Она снова открыла перевод, и Мирон с ужасом увидел, как на раскрытые страницы капают слезы. Наташа сидела тихо, не всхлипывала и ничего не говорила, а прозрачные слезы все струились и струились по ее бледным бескровным щекам. Огромная, раздирающая душу жалость вдруг поднялась в нем, затопив все сомнения и трезвые резоны, и эта горячая волна накрыла собой ту пропасть, которая лежала между ним, двадцатидвухлетним здоровым мусульманином, и неизлечимо больной семнадцатилетней русской девочкой. Он не бросит ее, не может бросить. Или они оба спасутся, или умрут. Но они будут вместе до конца.
На следующий день после разговора с Ташковым Зоя Смирнягина отправилась по тому адресу, который он ей оставил. Дверь ей открыл молодой симпатичный парень.
— Вам кого?
— Мне нужна Ирина.
— А она на работе.
— На работе? Сегодня же воскресенье, — растерялась Зоя.
— Так она каждый день работает, без выходных.
— Не подскажете, где мне ее найти?
— Она на соседней улице, в шестнадцатиэтажке, лестницы моет.

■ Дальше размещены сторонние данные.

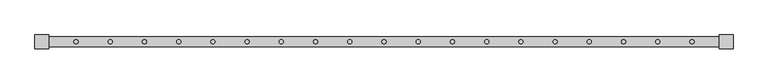
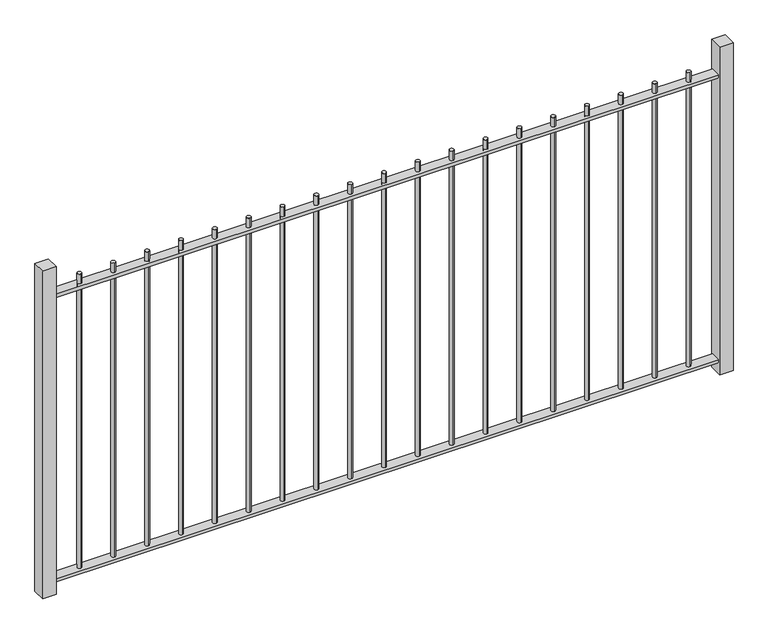
"""IFC4 building model written with IfcOpenShell, lengths in millimetres: railing geometry."""

from ifc_helpers import new_model, si_unit, point, frame, frame_2d, origin, place, context, project, spatial, polyline, circle_curve, trimmed, segment, composite_curve, outline, extrude, source, transform, mapped, element, save


def railing_b2c4460c(model_context):
    return source(origin(), model_context, "Body", "SweptSolid", [
        extrude(outline(polyline([(8650.4300877, -24901.1119119), (8650.4300877, -24961.1119119), (4650.4300877, -24961.1119119), (4650.4300877, -24901.1119119), (8650.4300877, -24901.1119119)])), frame((0.0, 0.0, -30.0), z_axis=(0.0, 0.0, 1.0), x_axis=(1.0, 0.0, 0.0)), (0.0, 0.0, 1.0), 20.0),
        extrude(outline(polyline([(8650.4300877, -24901.1119119), (8650.4300877, -24961.1119119), (4650.4300877, -24961.1119119), (4650.4300877, -24901.1119119), (8650.4300877, -24901.1119119)])), frame((0.0, 0.0, 1750.0), z_axis=(0.0, 0.0, 1.0), x_axis=(1.0, 0.0, 0.0)), (0.0, 0.0, 1.0), 20.0),
        extrude(outline(composite_curve([segment(trimmed(circle_curve(frame_2d((4850.4300877, -24931.1119119)), 12.5), [point((4850.4300877, -24943.6119119))], [point((4850.4300877, -24918.6119119))], False, "CARTESIAN"), True, "CONTINUOUS"), segment(trimmed(circle_curve(frame_2d((4850.4300877, -24931.1119119)), 12.5), [point((4850.4300877, -24918.6119119))], [point((4850.4300877, -24943.6119119))], False, "CARTESIAN"), True, "CONTINUOUS")], self_intersect=False)), frame((0.0, 0.0, -10.0), z_axis=(0.0, 0.0, 1.0), x_axis=(1.0, 0.0, 0.0)), (0.0, 0.0, 1.0), 1840.0),
        extrude(outline(composite_curve([segment(trimmed(circle_curve(frame_2d((5050.4300877, -24931.1119119)), 12.5), [point((5050.4300877, -24943.6119119))], [point((5050.4300877, -24918.6119119))], False, "CARTESIAN"), True, "CONTINUOUS"), segment(trimmed(circle_curve(frame_2d((5050.4300877, -24931.1119119)), 12.5), [point((5050.4300877, -24918.6119119))], [point((5050.4300877, -24943.6119119))], False, "CARTESIAN"), True, "CONTINUOUS")], self_intersect=False)), frame((0.0, 0.0, -10.0), z_axis=(0.0, 0.0, 1.0), x_axis=(1.0, 0.0, 0.0)), (0.0, 0.0, 1.0), 1840.0),
        extrude(outline(composite_curve([segment(trimmed(circle_curve(frame_2d((5250.4300877, -24931.1119119)), 12.5), [point((5250.4300877, -24943.6119119))], [point((5250.4300877, -24918.6119119))], False, "CARTESIAN"), True, "CONTINUOUS"), segment(trimmed(circle_curve(frame_2d((5250.4300877, -24931.1119119)), 12.5), [point((5250.4300877, -24918.6119119))], [point((5250.4300877, -24943.6119119))], False, "CARTESIAN"), True, "CONTINUOUS")], self_intersect=False)), frame((0.0, 0.0, -10.0), z_axis=(0.0, 0.0, 1.0), x_axis=(1.0, 0.0, 0.0)), (0.0, 0.0, 1.0), 1840.0),
        extrude(outline(composite_curve([segment(trimmed(circle_curve(frame_2d((5450.4300877, -24931.1119119)), 12.5), [point((5450.4300877, -24943.6119119))], [point((5450.4300877, -24918.6119119))], False, "CARTESIAN"), True, "CONTINUOUS"), segment(trimmed(circle_curve(frame_2d((5450.4300877, -24931.1119119)), 12.5), [point((5450.4300877, -24918.6119119))], [point((5450.4300877, -24943.6119119))], False, "CARTESIAN"), True, "CONTINUOUS")], self_intersect=False)), frame((0.0, 0.0, -10.0), z_axis=(0.0, 0.0, 1.0), x_axis=(1.0, 0.0, 0.0)), (0.0, 0.0, 1.0), 1840.0),
        extrude(outline(composite_curve([segment(trimmed(circle_curve(frame_2d((5650.4300877, -24931.1119119)), 12.5), [point((5650.4300877, -24943.6119119))], [point((5650.4300877, -24918.6119119))], False, "CARTESIAN"), True, "CONTINUOUS"), segment(trimmed(circle_curve(frame_2d((5650.4300877, -24931.1119119)), 12.5), [point((5650.4300877, -24918.6119119))], [point((5650.4300877, -24943.6119119))], False, "CARTESIAN"), True, "CONTINUOUS")], self_intersect=False)), frame((0.0, 0.0, -10.0), z_axis=(0.0, 0.0, 1.0), x_axis=(1.0, 0.0, 0.0)), (0.0, 0.0, 1.0), 1840.0),
        extrude(outline(composite_curve([segment(trimmed(circle_curve(frame_2d((5850.4300877, -24931.1119119)), 12.5), [point((5850.4300877, -24943.6119119))], [point((5850.4300877, -24918.6119119))], False, "CARTESIAN"), True, "CONTINUOUS"), segment(trimmed(circle_curve(frame_2d((5850.4300877, -24931.1119119)), 12.5), [point((5850.4300877, -24918.6119119))], [point((5850.4300877, -24943.6119119))], False, "CARTESIAN"), True, "CONTINUOUS")], self_intersect=False)), frame((0.0, 0.0, -10.0), z_axis=(0.0, 0.0, 1.0), x_axis=(1.0, 0.0, 0.0)), (0.0, 0.0, 1.0), 1840.0),
        extrude(outline(composite_curve([segment(trimmed(circle_curve(frame_2d((6050.4300877, -24931.1119119)), 12.5), [point((6050.4300877, -24943.6119119))], [point((6050.4300877, -24918.6119119))], False, "CARTESIAN"), True, "CONTINUOUS"), segment(trimmed(circle_curve(frame_2d((6050.4300877, -24931.1119119)), 12.5), [point((6050.4300877, -24918.6119119))], [point((6050.4300877, -24943.6119119))], False, "CARTESIAN"), True, "CONTINUOUS")], self_intersect=False)), frame((0.0, 0.0, -10.0), z_axis=(0.0, 0.0, 1.0), x_axis=(1.0, 0.0, 0.0)), (0.0, 0.0, 1.0), 1840.0),
        extrude(outline(composite_curve([segment(trimmed(circle_curve(frame_2d((6250.4300877, -24931.1119119)), 12.5), [point((6250.4300877, -24943.6119119))], [point((6250.4300877, -24918.6119119))], False, "CARTESIAN"), True, "CONTINUOUS"), segment(trimmed(circle_curve(frame_2d((6250.4300877, -24931.1119119)), 12.5), [point((6250.4300877, -24918.6119119))], [point((6250.4300877, -24943.6119119))], False, "CARTESIAN"), True, "CONTINUOUS")], self_intersect=False)), frame((0.0, 0.0, -10.0), z_axis=(0.0, 0.0, 1.0), x_axis=(1.0, 0.0, 0.0)), (0.0, 0.0, 1.0), 1840.0),
        extrude(outline(composite_curve([segment(trimmed(circle_curve(frame_2d((6450.4300877, -24931.1119119)), 12.5), [point((6450.4300877, -24943.6119119))], [point((6450.4300877, -24918.6119119))], False, "CARTESIAN"), True, "CONTINUOUS"), segment(trimmed(circle_curve(frame_2d((6450.4300877, -24931.1119119)), 12.5), [point((6450.4300877, -24918.6119119))], [point((6450.4300877, -24943.6119119))], False, "CARTESIAN"), True, "CONTINUOUS")], self_intersect=False)), frame((0.0, 0.0, -10.0), z_axis=(0.0, 0.0, 1.0), x_axis=(1.0, 0.0, 0.0)), (0.0, 0.0, 1.0), 1840.0),
        extrude(outline(composite_curve([segment(trimmed(circle_curve(frame_2d((6650.4300877, -24931.1119119)), 12.5), [point((6650.4300877, -24943.6119119))], [point((6650.4300877, -24918.6119119))], False, "CARTESIAN"), True, "CONTINUOUS"), segment(trimmed(circle_curve(frame_2d((6650.4300877, -24931.1119119)), 12.5), [point((6650.4300877, -24918.6119119))], [point((6650.4300877, -24943.6119119))], False, "CARTESIAN"), True, "CONTINUOUS")], self_intersect=False)), frame((0.0, 0.0, -10.0), z_axis=(0.0, 0.0, 1.0), x_axis=(1.0, 0.0, 0.0)), (0.0, 0.0, 1.0), 1840.0),
        extrude(outline(composite_curve([segment(trimmed(circle_curve(frame_2d((6850.4300877, -24931.1119119)), 12.5), [point((6850.4300877, -24943.6119119))], [point((6850.4300877, -24918.6119119))], False, "CARTESIAN"), True, "CONTINUOUS"), segment(trimmed(circle_curve(frame_2d((6850.4300877, -24931.1119119)), 12.5), [point((6850.4300877, -24918.6119119))], [point((6850.4300877, -24943.6119119))], False, "CARTESIAN"), True, "CONTINUOUS")], self_intersect=False)), frame((0.0, 0.0, -10.0), z_axis=(0.0, 0.0, 1.0), x_axis=(1.0, 0.0, 0.0)), (0.0, 0.0, 1.0), 1840.0),
        extrude(outline(composite_curve([segment(trimmed(circle_curve(frame_2d((7050.4300877, -24931.1119119)), 12.5), [point((7050.4300877, -24943.6119119))], [point((7050.4300877, -24918.6119119))], False, "CARTESIAN"), True, "CONTINUOUS"), segment(trimmed(circle_curve(frame_2d((7050.4300877, -24931.1119119)), 12.5), [point((7050.4300877, -24918.6119119))], [point((7050.4300877, -24943.6119119))], False, "CARTESIAN"), True, "CONTINUOUS")], self_intersect=False)), frame((0.0, 0.0, -10.0), z_axis=(0.0, 0.0, 1.0), x_axis=(1.0, 0.0, 0.0)), (0.0, 0.0, 1.0), 1840.0),
        extrude(outline(composite_curve([segment(trimmed(circle_curve(frame_2d((7250.4300877, -24931.1119119)), 12.5), [point((7250.4300877, -24943.6119119))], [point((7250.4300877, -24918.6119119))], False, "CARTESIAN"), True, "CONTINUOUS"), segment(trimmed(circle_curve(frame_2d((7250.4300877, -24931.1119119)), 12.5), [point((7250.4300877, -24918.6119119))], [point((7250.4300877, -24943.6119119))], False, "CARTESIAN"), True, "CONTINUOUS")], self_intersect=False)), frame((0.0, 0.0, -10.0), z_axis=(0.0, 0.0, 1.0), x_axis=(1.0, 0.0, 0.0)), (0.0, 0.0, 1.0), 1840.0),
        extrude(outline(composite_curve([segment(trimmed(circle_curve(frame_2d((7450.4300877, -24931.1119119)), 12.5), [point((7450.4300877, -24943.6119119))], [point((7450.4300877, -24918.6119119))], False, "CARTESIAN"), True, "CONTINUOUS"), segment(trimmed(circle_curve(frame_2d((7450.4300877, -24931.1119119)), 12.5), [point((7450.4300877, -24918.6119119))], [point((7450.4300877, -24943.6119119))], False, "CARTESIAN"), True, "CONTINUOUS")], self_intersect=False)), frame((0.0, 0.0, -10.0), z_axis=(0.0, 0.0, 1.0), x_axis=(1.0, 0.0, 0.0)), (0.0, 0.0, 1.0), 1840.0),
        extrude(outline(composite_curve([segment(trimmed(circle_curve(frame_2d((7650.4300877, -24931.1119119)), 12.5), [point((7650.4300877, -24943.6119119))], [point((7650.4300877, -24918.6119119))], False, "CARTESIAN"), True, "CONTINUOUS"), segment(trimmed(circle_curve(frame_2d((7650.4300877, -24931.1119119)), 12.5), [point((7650.4300877, -24918.6119119))], [point((7650.4300877, -24943.6119119))], False, "CARTESIAN"), True, "CONTINUOUS")], self_intersect=False)), frame((0.0, 0.0, -10.0), z_axis=(0.0, 0.0, 1.0), x_axis=(1.0, 0.0, 0.0)), (0.0, 0.0, 1.0), 1840.0),
        extrude(outline(composite_curve([segment(trimmed(circle_curve(frame_2d((7850.4300877, -24931.1119119)), 12.5), [point((7850.4300877, -24943.6119119))], [point((7850.4300877, -24918.6119119))], False, "CARTESIAN"), True, "CONTINUOUS"), segment(trimmed(circle_curve(frame_2d((7850.4300877, -24931.1119119)), 12.5), [point((7850.4300877, -24918.6119119))], [point((7850.4300877, -24943.6119119))], False, "CARTESIAN"), True, "CONTINUOUS")], self_intersect=False)), frame((0.0, 0.0, -10.0), z_axis=(0.0, 0.0, 1.0), x_axis=(1.0, 0.0, 0.0)), (0.0, 0.0, 1.0), 1840.0),
        extrude(outline(composite_curve([segment(trimmed(circle_curve(frame_2d((8050.4300877, -24931.1119119)), 12.5), [point((8050.4300877, -24943.6119119))], [point((8050.4300877, -24918.6119119))], False, "CARTESIAN"), True, "CONTINUOUS"), segment(trimmed(circle_curve(frame_2d((8050.4300877, -24931.1119119)), 12.5), [point((8050.4300877, -24918.6119119))], [point((8050.4300877, -24943.6119119))], False, "CARTESIAN"), True, "CONTINUOUS")], self_intersect=False)), frame((0.0, 0.0, -10.0), z_axis=(0.0, 0.0, 1.0), x_axis=(1.0, 0.0, 0.0)), (0.0, 0.0, 1.0), 1840.0),
        extrude(outline(composite_curve([segment(trimmed(circle_curve(frame_2d((8250.4300877, -24931.1119119)), 12.5), [point((8250.4300877, -24943.6119119))], [point((8250.4300877, -24918.6119119))], False, "CARTESIAN"), True, "CONTINUOUS"), segment(trimmed(circle_curve(frame_2d((8250.4300877, -24931.1119119)), 12.5), [point((8250.4300877, -24918.6119119))], [point((8250.4300877, -24943.6119119))], False, "CARTESIAN"), True, "CONTINUOUS")], self_intersect=False)), frame((0.0, 0.0, -10.0), z_axis=(0.0, 0.0, 1.0), x_axis=(1.0, 0.0, 0.0)), (0.0, 0.0, 1.0), 1840.0),
        extrude(outline(composite_curve([segment(trimmed(circle_curve(frame_2d((8450.4300877, -24931.1119119)), 12.5), [point((8450.4300877, -24943.6119119))], [point((8450.4300877, -24918.6119119))], False, "CARTESIAN"), True, "CONTINUOUS"), segment(trimmed(circle_curve(frame_2d((8450.4300877, -24931.1119119)), 12.5), [point((8450.4300877, -24918.6119119))], [point((8450.4300877, -24943.6119119))], False, "CARTESIAN"), True, "CONTINUOUS")], self_intersect=False)), frame((0.0, 0.0, -10.0), z_axis=(0.0, 0.0, 1.0), x_axis=(1.0, 0.0, 0.0)), (0.0, 0.0, 1.0), 1840.0),
        extrude(outline(polyline([(4690.4300877, -24891.1119119), (4690.4300877, -24971.1119119), (4610.4300877, -24971.1119119), (4610.4300877, -24891.1119119), (4690.4300877, -24891.1119119)])), frame((0.0, 0.0, -100.0), z_axis=(0.0, 0.0, 1.0), x_axis=(1.0, 0.0, 0.0)), (0.0, 0.0, 1.0), 2050.0),
        extrude(outline(polyline([(8690.4300877, -24891.1119119), (8690.4300877, -24971.1119119), (8610.4300877, -24971.1119119), (8610.4300877, -24891.1119119), (8690.4300877, -24891.1119119)])), frame((0.0, 0.0, -100.0), z_axis=(0.0, 0.0, 1.0), x_axis=(1.0, 0.0, 0.0)), (0.0, 0.0, 1.0), 2050.0),
    ])


if __name__ == "__main__":
    model = new_model("IFC4")
    model_context = context("Model", 3, world=origin())
    ifc_project = project(units=[si_unit("LENGTHUNIT", "METRE", prefix="MILLI")], contexts=[model_context])
    site = spatial("IfcSite", under=ifc_project)
    building = spatial("IfcBuilding", under=site)
    placement = place(None, origin())
    railing_shape = railing_b2c4460c(model_context)
    element("IfcRailing", 1, at=placement, inside=building, context=model_context, shape_type="MappedRepresentation", body=[
        mapped(railing_shape, transform((0.0, 0.0, 0.0), x_axis=(1.0, 0.0, 0.0), y_axis=(0.0, 1.0, 0.0), z_axis=(0.0, 0.0, 1.0))),
    ])
    save(model, "model.ifc")

# Revit data of these elements
# Element 1 (IfcRailing)
#   Materials on its faces: "NLRS_h2_staal_generiek zwart_gen_rsf", "NLRS_h2_staal_gen_rsf"
# Materials
#   "NLRS_h2_staal_generiek zwart_gen_rsf": class "Metal", colour RGB 189 187 185, transparency 0, Manufacturer = "RevitGG", URL = "www.revitgg.nl", Description = "Staal, generiek materiaal", Cost = 0
#   "NLRS_h2_staal_gen_rsf": class "H - Metaal", colour RGB 189 187 185, transparency 0, Keynote = "h2", Model = "generiek", Manufacturer = "Revit Standards Foundation", URL = "www.revitstandards.org", Description = "staal", Cost = 0

— Спасибо, — пробормотала Зоя.
Шестнадцатиэтажный дом на соседней улице она нашла легко, все остальные дома были девяти- и двенадцатиэтажными. Зоя подошла к подъезду и через широкое окно увидела худенькую некрасивую девушку, которая мыла пол в просторном холле. На улице прямо перед окном стояла скамейка, Зоя уселась на нее так, чтобы видеть Иру. То и дело в подъезд входили люди, топая грязными ботинками по только что вымытому полу и оставляя следы, и Ира тут же принималась снова мыть то место, которое только что сверкало чистотой. Иногда она выпрямлялась и согнутой в локте рукой вытирала лицо. Сначала Зоя подумала, что она отирает пот, но потом поняла, что это не пот, а слезы.